What you should do: Write the records below out again word for word, with the pictures removed.

Excerpted records:
◆ ◆ ◆ ◆ ◆ ◆ ◆

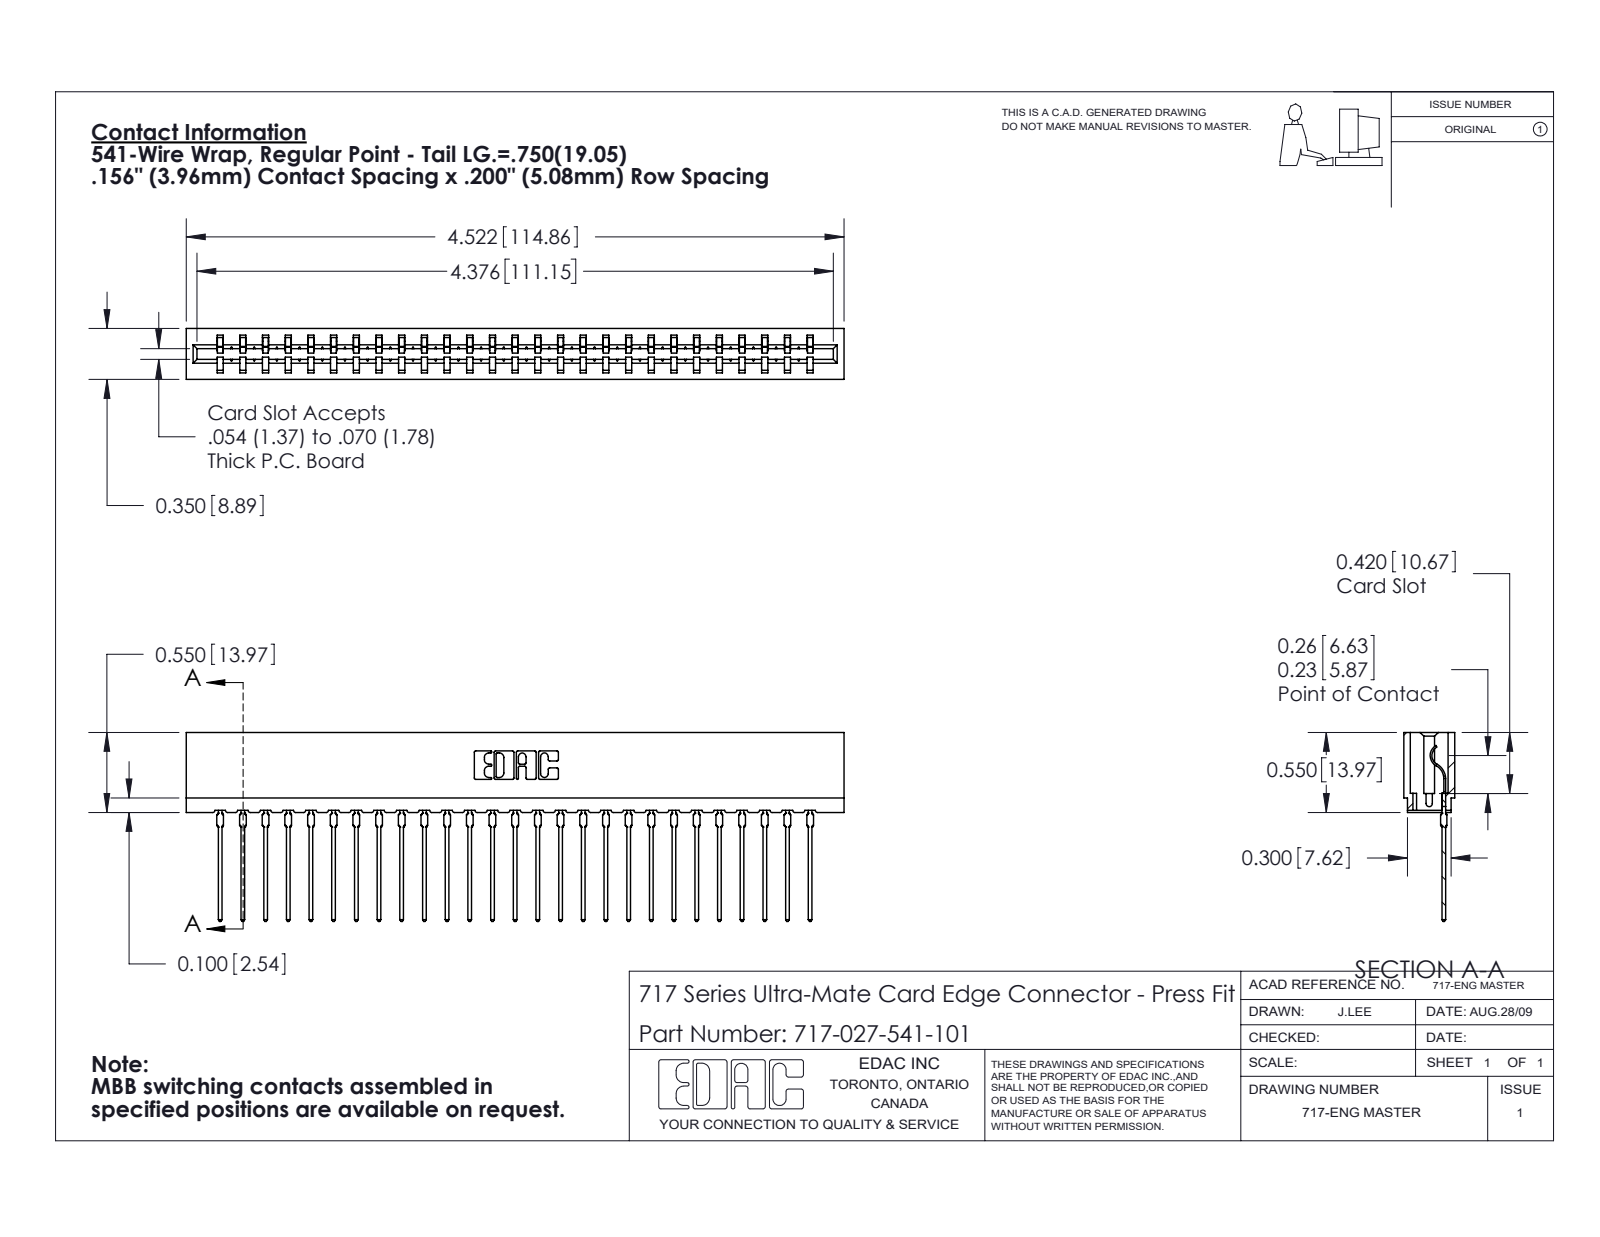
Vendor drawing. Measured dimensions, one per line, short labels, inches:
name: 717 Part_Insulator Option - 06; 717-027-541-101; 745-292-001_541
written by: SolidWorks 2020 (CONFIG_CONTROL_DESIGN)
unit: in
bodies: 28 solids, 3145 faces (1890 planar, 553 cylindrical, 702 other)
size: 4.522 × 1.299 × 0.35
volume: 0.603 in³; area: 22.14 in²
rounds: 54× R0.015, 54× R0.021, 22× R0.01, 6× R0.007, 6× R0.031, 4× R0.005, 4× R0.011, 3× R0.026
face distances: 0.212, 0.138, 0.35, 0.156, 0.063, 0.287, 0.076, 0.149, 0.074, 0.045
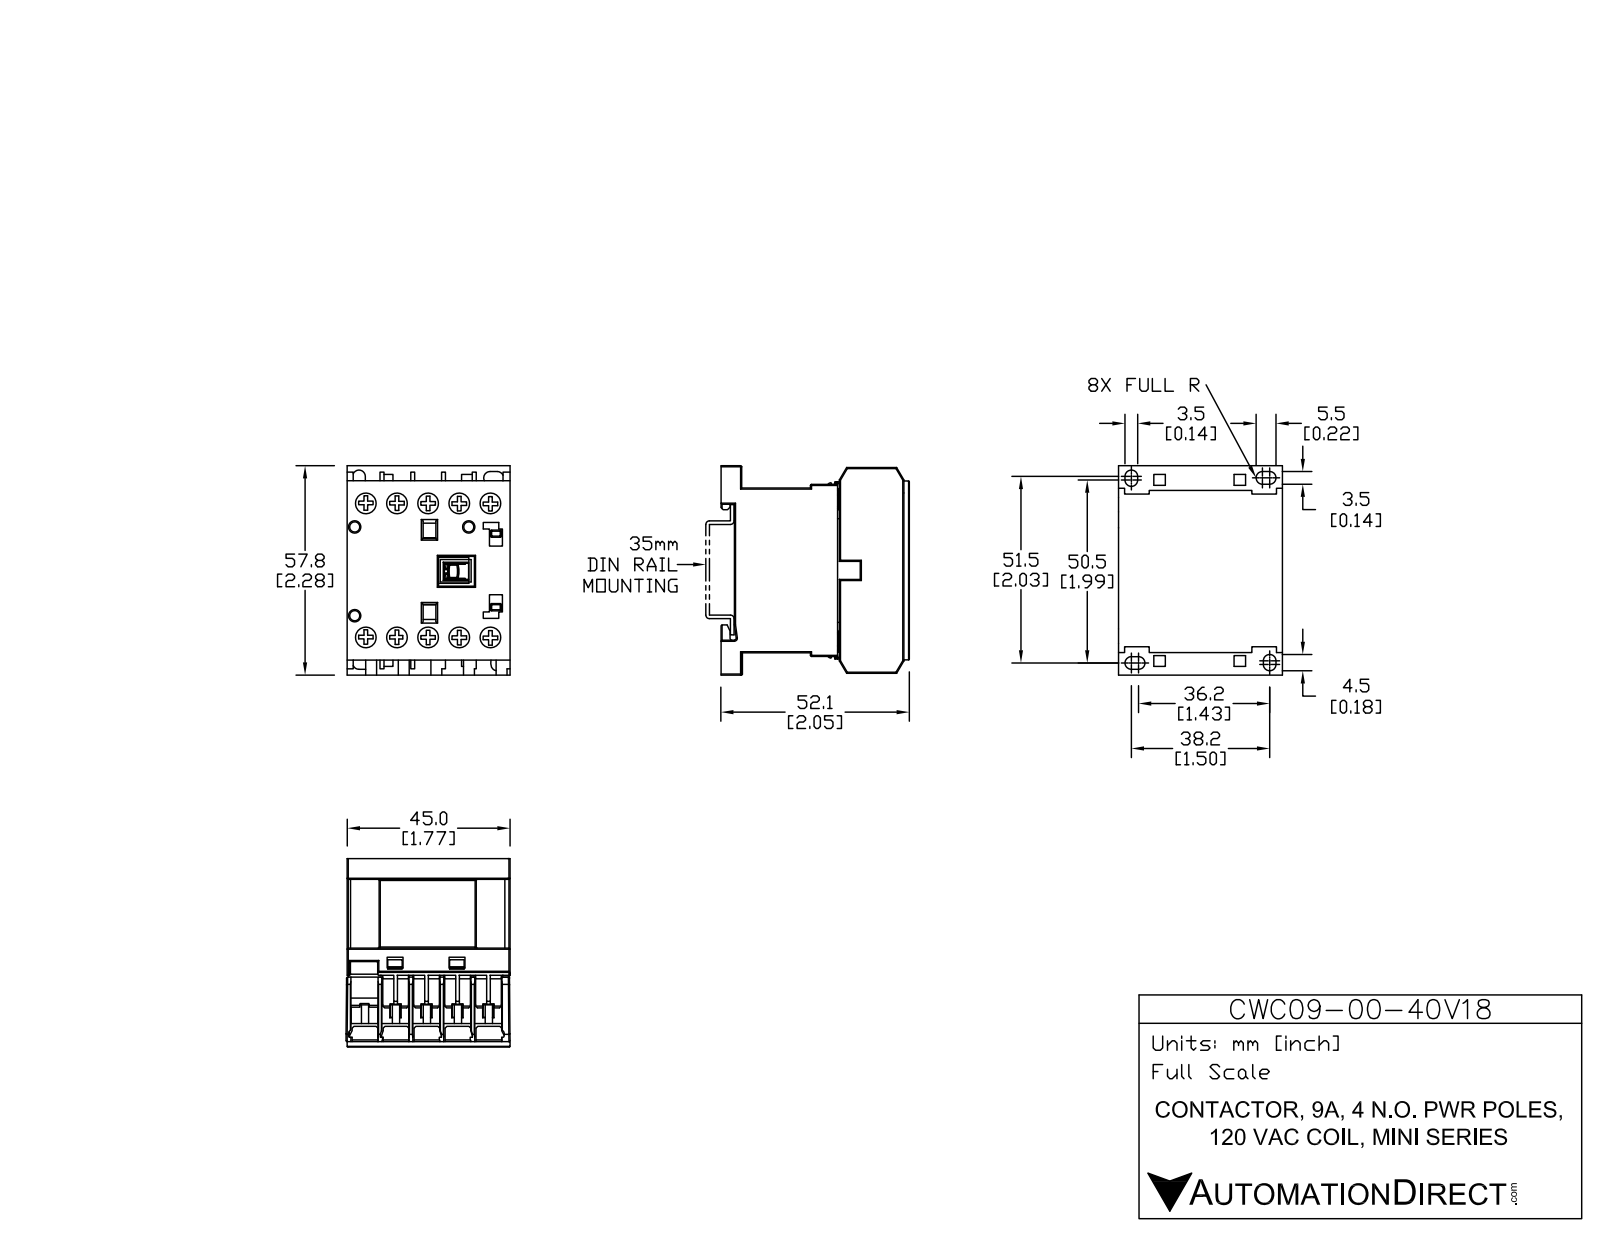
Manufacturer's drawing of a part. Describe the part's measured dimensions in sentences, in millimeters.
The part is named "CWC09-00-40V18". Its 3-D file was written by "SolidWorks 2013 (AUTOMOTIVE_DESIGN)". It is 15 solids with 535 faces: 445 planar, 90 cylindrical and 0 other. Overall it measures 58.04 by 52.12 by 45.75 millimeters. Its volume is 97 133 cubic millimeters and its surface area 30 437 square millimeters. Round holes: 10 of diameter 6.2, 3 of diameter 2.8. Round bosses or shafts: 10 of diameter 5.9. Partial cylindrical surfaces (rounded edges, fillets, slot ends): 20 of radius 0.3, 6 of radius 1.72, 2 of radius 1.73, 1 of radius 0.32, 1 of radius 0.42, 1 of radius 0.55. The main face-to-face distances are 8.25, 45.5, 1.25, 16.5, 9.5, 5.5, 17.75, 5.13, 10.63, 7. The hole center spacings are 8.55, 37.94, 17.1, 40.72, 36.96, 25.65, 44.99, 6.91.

◆ ◆ ◆ ◆ ◆ ◆ ◆

Result of the exercise:
Vendor drawing. Measured dimensions, one per line, short labels, inches:
name: 717 Part_Insulator Option - 06; 717-027-541-101; 745-292-001_541
written by: SolidWorks 2020 (CONFIG_CONTROL_DESIGN)
unit: in
bodies: 28 solids, 3145 faces (1890 planar, 553 cylindrical, 702 other)
size: 4.522 × 1.299 × 0.35
volume: 0.603 in³; area: 22.14 in²
rounds: 54× R0.015, 54× R0.021, 22× R0.01, 6× R0.007, 6× R0.031, 4× R0.005, 4× R0.011, 3× R0.026
face distances: 0.212, 0.138, 0.35, 0.156, 0.063, 0.287, 0.076, 0.149, 0.074, 0.045
Manufacturer's drawing of a part. Describe the part's measured dimensions in sentences, in millimeters.
The part is named "CWC09-00-40V18". Its 3-D file was written by "SolidWorks 2013 (AUTOMOTIVE_DESIGN)". It is 15 solids with 535 faces: 445 planar, 90 cylindrical and 0 other. Overall it measures 58.04 by 52.12 by 45.75 millimeters. Its volume is 97 133 cubic millimeters and its surface area 30 437 square millimeters. Round holes: 10 of diameter 6.2, 3 of diameter 2.8. Round bosses or shafts: 10 of diameter 5.9. Partial cylindrical surfaces (rounded edges, fillets, slot ends): 20 of radius 0.3, 6 of radius 1.72, 2 of radius 1.73, 1 of radius 0.32, 1 of radius 0.42, 1 of radius 0.55. The main face-to-face distances are 8.25, 45.5, 1.25, 16.5, 9.5, 5.5, 17.75, 5.13, 10.63, 7. The hole center spacings are 8.55, 37.94, 17.1, 40.72, 36.96, 25.65, 44.99, 6.91.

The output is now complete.